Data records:
---*---

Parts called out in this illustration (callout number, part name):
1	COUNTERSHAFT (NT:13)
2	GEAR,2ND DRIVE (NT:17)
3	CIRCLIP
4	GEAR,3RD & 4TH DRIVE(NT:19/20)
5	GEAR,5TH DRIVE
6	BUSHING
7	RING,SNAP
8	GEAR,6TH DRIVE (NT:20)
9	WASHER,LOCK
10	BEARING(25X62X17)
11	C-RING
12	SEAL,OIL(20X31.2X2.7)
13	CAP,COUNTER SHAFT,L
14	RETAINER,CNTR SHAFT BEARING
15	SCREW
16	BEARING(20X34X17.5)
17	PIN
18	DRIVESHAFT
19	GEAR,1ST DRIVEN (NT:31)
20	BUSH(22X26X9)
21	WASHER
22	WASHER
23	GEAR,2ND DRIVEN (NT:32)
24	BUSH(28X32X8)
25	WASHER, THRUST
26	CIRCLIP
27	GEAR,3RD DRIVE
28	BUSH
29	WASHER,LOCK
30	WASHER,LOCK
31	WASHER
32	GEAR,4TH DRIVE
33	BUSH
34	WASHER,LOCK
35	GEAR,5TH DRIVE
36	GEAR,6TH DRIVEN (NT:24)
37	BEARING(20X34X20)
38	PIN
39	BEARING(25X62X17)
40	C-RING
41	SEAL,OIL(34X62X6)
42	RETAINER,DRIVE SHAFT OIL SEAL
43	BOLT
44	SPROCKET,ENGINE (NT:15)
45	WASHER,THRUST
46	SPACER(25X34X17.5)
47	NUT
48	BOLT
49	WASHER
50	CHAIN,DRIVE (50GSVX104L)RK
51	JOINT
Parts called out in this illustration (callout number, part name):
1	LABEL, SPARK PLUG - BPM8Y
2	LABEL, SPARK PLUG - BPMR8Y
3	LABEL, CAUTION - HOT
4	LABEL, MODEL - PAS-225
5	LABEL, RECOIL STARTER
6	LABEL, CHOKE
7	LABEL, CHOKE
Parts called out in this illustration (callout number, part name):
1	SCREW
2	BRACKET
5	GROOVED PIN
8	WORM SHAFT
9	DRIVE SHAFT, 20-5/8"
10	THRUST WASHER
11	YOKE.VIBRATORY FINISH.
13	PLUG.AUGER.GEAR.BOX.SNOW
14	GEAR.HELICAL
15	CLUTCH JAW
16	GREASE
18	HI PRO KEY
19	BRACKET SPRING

---*---

# [ACTIVITY]
Using the entries above, find all lines with "WASHER". Copy them.

# [SOLUTION FOR THIS PROBLEM]
9	WASHER,LOCK
21	WASHER
22	WASHER
25	WASHER, THRUST
29	WASHER,LOCK
30	WASHER,LOCK
31	WASHER
34	WASHER,LOCK
45	WASHER,THRUST
49	WASHER
10	THRUST WASHER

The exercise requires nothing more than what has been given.